National Reactor Innovation Center (NRIC) Program
The National Reactor Innovation Center (NRIC) has led new advanced demonstration projects using a model-based systems engineering approach. Project requirements are traced to their satisfying elements in SysML and LML-based models used to guide design decisions. Activity models are integrated with Discrete Event and Monte Carlo simulation to check for correctness, integrate cost and schedule, and monitor expected performance. The program is working to develop integrations between MBSE, engineering, operations, and traditional CAD software to enable a cloud-based, digital thread in design.
Nuclear Energy Advanced Modeling and Simulation (NEAMS) Program
The Nuclear Energy Advanced Modeling and Simulation (NEAMS) program is a U.S. Department of Energy-Office of Nuclear Energy (DOE-NE) program developing advanced modeling and simulation tools and capabilities to accelerate the deployment of advanced nuclear energy technologies, including light-water reactors (LWRs), non-light-water reactors (non-LWRs), and advanced fuels.

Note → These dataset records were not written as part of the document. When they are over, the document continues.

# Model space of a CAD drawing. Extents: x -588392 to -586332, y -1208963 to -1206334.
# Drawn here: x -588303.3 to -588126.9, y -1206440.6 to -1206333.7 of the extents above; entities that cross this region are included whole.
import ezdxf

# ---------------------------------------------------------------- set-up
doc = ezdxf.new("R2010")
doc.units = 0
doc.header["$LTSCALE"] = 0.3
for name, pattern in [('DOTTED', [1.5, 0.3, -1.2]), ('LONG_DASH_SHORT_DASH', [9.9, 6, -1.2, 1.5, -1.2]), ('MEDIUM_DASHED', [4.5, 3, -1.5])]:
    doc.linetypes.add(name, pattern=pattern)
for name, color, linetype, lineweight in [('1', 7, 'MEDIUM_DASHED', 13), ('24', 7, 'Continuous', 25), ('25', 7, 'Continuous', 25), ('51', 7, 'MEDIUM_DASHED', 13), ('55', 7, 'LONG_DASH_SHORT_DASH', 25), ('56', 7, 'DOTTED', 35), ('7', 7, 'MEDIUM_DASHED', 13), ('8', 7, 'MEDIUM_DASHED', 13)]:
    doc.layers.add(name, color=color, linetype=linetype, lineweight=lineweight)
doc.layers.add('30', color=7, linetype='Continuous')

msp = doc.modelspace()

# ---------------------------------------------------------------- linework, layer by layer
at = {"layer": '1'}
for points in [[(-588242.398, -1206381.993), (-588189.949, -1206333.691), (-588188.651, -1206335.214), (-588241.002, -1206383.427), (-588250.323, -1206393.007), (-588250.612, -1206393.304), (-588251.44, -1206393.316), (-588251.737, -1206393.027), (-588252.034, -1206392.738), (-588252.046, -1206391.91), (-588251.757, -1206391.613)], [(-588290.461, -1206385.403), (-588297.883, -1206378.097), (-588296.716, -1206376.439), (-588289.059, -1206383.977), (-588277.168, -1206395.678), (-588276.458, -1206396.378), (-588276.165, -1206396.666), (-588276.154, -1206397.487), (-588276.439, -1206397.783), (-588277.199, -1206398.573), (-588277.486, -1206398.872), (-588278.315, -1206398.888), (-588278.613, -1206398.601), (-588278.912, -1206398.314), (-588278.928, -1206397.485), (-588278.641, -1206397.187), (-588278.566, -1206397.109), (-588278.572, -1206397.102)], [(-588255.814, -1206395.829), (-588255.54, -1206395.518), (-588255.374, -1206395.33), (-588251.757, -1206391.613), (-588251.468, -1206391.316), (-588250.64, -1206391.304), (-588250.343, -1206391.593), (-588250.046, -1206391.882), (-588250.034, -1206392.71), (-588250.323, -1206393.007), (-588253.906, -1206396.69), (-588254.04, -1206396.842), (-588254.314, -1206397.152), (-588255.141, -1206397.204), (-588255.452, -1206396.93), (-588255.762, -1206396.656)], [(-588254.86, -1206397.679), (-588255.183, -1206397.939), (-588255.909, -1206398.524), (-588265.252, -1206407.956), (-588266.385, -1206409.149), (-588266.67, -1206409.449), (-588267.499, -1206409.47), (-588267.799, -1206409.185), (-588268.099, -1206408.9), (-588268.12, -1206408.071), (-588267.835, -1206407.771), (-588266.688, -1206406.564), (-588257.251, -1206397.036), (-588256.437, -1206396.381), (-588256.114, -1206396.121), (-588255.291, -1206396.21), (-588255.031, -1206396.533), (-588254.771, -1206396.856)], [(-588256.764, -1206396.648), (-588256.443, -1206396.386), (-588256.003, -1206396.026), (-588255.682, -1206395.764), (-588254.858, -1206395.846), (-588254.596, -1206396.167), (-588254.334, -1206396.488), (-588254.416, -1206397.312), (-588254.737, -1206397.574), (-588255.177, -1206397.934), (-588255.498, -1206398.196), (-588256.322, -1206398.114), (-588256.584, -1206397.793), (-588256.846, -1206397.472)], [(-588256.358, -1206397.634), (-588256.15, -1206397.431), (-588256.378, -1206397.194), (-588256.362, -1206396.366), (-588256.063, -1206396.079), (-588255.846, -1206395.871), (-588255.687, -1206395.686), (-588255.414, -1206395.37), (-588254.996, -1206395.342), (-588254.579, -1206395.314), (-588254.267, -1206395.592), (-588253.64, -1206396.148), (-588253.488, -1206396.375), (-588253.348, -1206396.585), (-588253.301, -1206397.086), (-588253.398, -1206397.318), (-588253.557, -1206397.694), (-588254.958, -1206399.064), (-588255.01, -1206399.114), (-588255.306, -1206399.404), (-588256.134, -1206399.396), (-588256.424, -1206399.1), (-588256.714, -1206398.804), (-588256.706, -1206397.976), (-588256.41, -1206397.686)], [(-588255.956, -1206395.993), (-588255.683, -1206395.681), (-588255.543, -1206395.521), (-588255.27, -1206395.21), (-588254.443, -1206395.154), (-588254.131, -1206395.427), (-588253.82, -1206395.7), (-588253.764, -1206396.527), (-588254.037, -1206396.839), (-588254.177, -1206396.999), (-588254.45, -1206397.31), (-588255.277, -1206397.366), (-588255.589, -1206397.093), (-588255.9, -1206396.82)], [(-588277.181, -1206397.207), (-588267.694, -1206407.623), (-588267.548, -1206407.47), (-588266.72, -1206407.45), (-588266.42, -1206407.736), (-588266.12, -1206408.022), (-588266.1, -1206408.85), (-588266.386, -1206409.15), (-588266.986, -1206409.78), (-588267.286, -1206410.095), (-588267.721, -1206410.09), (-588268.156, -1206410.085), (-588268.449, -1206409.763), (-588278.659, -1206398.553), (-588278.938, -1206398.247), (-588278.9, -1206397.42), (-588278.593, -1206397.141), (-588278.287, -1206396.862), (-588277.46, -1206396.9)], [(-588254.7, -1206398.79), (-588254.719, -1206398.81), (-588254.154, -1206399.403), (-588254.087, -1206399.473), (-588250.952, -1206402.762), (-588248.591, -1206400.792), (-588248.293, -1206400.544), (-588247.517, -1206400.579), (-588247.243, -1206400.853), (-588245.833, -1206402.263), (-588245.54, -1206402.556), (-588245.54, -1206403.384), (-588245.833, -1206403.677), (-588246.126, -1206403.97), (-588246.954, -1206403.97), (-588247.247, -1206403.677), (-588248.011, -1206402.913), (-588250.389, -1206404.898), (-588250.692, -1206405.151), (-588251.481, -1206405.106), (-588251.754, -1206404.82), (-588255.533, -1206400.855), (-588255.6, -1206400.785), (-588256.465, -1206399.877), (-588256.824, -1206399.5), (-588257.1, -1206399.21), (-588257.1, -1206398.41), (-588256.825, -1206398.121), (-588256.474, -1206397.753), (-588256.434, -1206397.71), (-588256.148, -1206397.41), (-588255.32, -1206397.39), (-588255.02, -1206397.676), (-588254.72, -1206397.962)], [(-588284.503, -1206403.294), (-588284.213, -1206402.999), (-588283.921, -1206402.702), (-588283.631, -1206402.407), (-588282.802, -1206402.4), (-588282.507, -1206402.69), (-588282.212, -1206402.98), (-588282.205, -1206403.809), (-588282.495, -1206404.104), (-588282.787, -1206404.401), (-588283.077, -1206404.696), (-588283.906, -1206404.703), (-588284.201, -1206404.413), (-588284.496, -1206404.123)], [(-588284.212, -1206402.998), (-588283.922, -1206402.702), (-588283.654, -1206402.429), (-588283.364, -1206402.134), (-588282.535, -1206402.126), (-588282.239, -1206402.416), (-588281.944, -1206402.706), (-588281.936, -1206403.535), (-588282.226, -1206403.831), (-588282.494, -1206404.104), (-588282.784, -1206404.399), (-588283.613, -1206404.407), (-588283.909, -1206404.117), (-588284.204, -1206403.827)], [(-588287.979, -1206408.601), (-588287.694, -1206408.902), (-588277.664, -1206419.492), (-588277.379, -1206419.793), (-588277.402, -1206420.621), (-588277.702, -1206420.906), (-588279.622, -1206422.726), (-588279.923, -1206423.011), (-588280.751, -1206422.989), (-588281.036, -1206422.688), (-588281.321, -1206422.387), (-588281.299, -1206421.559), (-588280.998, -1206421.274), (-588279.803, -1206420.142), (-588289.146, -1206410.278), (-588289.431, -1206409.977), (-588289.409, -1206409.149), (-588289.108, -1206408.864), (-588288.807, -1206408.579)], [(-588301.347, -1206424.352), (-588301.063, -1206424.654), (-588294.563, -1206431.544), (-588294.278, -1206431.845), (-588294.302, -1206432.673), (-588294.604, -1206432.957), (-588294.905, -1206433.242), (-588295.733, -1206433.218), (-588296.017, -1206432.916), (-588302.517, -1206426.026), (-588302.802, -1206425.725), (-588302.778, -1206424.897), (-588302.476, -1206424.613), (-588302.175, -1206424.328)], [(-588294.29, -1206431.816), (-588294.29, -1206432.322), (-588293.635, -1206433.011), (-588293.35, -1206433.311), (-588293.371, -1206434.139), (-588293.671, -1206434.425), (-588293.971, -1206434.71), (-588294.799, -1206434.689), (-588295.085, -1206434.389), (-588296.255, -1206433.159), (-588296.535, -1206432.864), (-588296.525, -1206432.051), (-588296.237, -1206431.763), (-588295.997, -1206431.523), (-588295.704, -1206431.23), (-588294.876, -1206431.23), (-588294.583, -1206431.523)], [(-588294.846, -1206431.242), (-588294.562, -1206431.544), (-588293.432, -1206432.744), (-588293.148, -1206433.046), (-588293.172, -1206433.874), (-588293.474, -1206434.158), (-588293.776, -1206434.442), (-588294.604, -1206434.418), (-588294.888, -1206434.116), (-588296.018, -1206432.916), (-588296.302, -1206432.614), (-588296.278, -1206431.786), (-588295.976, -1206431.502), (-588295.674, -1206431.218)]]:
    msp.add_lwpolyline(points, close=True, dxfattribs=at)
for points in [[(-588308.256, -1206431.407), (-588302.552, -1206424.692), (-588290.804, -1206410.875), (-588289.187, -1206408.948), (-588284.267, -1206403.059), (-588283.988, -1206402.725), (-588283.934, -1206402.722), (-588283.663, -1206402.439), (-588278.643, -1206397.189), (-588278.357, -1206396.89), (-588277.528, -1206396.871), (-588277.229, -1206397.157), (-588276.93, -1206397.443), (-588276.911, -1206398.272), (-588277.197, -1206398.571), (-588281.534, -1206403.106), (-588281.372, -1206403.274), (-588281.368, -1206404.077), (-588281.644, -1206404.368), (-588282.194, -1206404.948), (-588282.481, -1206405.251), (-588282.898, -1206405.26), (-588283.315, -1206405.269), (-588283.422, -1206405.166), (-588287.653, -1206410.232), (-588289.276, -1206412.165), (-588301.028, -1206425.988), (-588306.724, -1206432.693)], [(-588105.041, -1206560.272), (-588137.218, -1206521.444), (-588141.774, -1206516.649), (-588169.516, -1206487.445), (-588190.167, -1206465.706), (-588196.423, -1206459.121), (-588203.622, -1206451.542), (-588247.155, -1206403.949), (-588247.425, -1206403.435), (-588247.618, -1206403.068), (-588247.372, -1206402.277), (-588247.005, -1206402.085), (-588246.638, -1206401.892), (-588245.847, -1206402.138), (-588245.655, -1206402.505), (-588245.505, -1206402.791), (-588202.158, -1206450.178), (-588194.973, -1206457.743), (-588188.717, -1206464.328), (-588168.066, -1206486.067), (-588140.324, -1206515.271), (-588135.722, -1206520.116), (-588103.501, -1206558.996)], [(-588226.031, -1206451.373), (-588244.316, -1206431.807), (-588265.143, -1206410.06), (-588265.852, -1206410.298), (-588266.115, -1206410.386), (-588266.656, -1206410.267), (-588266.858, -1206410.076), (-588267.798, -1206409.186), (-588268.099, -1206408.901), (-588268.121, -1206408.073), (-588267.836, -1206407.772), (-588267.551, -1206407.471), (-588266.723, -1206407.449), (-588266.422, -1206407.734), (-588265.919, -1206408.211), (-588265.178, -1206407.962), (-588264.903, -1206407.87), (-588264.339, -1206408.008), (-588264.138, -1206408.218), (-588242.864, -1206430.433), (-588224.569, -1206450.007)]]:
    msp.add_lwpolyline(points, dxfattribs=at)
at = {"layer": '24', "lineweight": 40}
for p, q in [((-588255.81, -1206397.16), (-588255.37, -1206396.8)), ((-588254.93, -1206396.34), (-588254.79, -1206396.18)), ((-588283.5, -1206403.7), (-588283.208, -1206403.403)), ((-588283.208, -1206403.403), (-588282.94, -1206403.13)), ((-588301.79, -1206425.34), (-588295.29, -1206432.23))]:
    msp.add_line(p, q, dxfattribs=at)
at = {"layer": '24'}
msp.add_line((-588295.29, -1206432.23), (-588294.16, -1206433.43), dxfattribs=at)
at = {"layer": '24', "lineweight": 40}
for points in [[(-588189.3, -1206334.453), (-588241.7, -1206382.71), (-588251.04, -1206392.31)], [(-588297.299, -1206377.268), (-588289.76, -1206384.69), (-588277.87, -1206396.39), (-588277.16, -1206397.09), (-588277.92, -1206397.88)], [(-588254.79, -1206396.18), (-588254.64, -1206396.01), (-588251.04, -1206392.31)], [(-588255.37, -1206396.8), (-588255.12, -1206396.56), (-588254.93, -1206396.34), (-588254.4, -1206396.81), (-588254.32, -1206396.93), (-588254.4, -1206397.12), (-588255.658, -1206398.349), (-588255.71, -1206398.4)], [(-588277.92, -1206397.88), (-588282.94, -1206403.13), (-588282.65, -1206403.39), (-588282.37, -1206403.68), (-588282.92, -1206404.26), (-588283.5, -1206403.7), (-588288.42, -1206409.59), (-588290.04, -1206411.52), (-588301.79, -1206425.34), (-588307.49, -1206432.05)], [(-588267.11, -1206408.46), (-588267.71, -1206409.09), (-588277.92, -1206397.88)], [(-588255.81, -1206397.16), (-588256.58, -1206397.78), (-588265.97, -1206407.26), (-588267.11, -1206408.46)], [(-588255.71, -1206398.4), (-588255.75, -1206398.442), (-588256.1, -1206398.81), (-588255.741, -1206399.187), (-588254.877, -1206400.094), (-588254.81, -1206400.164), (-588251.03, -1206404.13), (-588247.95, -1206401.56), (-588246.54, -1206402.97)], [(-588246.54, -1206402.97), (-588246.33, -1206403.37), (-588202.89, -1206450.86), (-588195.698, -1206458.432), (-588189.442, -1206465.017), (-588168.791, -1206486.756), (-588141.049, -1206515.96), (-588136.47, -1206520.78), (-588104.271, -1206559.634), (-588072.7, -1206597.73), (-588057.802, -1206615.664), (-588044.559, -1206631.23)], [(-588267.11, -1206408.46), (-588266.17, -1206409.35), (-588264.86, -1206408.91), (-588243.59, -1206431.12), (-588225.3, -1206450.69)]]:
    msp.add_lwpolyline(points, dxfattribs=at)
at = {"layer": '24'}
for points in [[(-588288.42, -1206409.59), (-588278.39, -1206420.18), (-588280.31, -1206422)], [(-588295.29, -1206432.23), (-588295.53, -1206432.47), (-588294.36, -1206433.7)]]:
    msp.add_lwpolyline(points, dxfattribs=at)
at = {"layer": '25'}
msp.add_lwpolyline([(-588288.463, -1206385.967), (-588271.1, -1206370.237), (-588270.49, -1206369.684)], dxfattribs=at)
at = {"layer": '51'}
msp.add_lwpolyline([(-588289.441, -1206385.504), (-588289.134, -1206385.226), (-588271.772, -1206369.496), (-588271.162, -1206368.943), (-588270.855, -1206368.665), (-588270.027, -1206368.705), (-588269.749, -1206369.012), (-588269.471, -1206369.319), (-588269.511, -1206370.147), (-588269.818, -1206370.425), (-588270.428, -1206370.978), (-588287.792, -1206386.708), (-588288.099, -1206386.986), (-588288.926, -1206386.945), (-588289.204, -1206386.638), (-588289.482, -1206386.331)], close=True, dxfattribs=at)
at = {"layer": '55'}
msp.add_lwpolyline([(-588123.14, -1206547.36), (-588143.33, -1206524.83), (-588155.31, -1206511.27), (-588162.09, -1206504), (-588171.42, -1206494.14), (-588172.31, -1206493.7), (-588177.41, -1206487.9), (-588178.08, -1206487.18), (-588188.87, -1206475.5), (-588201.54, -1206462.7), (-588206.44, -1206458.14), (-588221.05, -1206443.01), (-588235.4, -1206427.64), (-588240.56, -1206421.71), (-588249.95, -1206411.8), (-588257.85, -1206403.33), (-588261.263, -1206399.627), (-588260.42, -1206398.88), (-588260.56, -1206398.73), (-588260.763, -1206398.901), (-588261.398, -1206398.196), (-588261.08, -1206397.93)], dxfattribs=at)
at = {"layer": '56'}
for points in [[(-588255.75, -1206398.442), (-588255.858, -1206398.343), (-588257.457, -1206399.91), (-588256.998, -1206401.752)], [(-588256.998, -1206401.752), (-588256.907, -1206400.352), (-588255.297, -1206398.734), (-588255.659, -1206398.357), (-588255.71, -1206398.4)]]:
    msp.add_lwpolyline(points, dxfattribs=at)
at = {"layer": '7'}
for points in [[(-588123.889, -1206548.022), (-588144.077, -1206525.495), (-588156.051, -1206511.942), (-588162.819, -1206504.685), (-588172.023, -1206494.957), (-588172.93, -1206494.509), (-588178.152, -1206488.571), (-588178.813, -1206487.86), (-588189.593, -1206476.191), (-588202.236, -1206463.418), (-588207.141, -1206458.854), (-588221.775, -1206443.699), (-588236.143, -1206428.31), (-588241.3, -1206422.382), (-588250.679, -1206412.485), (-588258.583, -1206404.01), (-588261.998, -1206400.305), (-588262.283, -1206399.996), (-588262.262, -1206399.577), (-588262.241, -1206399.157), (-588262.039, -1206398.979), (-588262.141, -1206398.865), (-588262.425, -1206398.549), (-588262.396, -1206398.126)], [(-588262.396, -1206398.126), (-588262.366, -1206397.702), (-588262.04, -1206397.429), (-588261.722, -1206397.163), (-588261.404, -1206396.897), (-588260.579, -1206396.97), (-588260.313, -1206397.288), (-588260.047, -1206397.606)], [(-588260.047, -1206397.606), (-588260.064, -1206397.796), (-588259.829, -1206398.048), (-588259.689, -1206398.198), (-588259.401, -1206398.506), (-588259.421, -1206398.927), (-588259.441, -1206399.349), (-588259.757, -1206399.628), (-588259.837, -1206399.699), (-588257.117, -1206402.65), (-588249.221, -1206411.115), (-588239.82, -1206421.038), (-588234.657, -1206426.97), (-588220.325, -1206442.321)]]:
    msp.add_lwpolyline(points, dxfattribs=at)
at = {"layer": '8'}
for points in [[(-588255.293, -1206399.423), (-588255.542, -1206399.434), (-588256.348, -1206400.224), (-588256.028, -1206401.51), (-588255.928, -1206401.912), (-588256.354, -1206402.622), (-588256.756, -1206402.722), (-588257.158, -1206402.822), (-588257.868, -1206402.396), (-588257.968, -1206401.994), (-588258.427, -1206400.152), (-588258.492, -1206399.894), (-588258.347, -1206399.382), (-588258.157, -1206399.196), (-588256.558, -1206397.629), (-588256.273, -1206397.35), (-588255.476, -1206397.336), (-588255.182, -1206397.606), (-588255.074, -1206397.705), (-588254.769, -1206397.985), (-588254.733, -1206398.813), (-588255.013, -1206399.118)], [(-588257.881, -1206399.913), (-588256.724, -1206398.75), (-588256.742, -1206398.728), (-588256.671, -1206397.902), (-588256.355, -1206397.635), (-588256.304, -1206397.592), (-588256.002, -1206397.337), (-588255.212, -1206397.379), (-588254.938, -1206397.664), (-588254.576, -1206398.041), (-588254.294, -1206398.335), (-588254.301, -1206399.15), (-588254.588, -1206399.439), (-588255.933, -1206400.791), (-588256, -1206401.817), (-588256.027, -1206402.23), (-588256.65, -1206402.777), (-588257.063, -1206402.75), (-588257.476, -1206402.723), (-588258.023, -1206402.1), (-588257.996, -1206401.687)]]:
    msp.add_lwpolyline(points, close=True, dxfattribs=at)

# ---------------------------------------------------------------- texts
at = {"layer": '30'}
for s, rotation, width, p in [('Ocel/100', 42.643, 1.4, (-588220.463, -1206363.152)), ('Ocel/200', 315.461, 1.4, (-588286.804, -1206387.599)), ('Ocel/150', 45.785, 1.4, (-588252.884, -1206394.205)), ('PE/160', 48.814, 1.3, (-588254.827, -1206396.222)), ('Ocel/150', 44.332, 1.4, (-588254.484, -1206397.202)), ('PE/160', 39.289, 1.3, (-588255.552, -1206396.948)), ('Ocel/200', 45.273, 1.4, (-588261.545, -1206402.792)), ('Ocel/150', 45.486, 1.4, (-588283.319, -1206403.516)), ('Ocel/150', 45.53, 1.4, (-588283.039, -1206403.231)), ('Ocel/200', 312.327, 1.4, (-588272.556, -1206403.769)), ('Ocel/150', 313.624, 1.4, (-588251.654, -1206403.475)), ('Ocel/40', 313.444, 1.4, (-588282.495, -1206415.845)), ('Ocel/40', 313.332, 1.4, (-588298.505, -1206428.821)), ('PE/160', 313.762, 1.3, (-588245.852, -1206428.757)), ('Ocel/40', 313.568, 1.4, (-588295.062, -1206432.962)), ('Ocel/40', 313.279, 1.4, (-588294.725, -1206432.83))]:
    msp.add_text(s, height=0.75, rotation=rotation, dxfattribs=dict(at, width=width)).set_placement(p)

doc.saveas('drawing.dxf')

Role-based, Cyber-Physical State and Context Awareness
Dynamic visualizations change how the data is represented in real-time which allows users to quickly understand where changes in the system are happening, the priorities of response, the root cyber or physical cause and potential for larger, potentially cascading failures. Dynamic data visualization allows for visual representations of data that can be altered as the represented data changes. This can allow for quick and intuitive understanding of changes in the system as size, color, length, etc., is altered devices can be connected to and communicate with each other over a network. This can allow for an efficient peer-to-peer resource sharing system to be implemented across the system. Resource sharing adds an additional layer to visualization by allowing local visual implementations to change dynamically based on global data as well.
Transformational Challenge Reactor (TCR) Program
INL is assisting in the development of the requirements and definition of design-agnostic digital platform that will support the TCR core manufacturing and overall program goals. The digital platform consists of design data, modeling data, in-situ data, ex-situ data, and integral test data as well as established links between these five categories.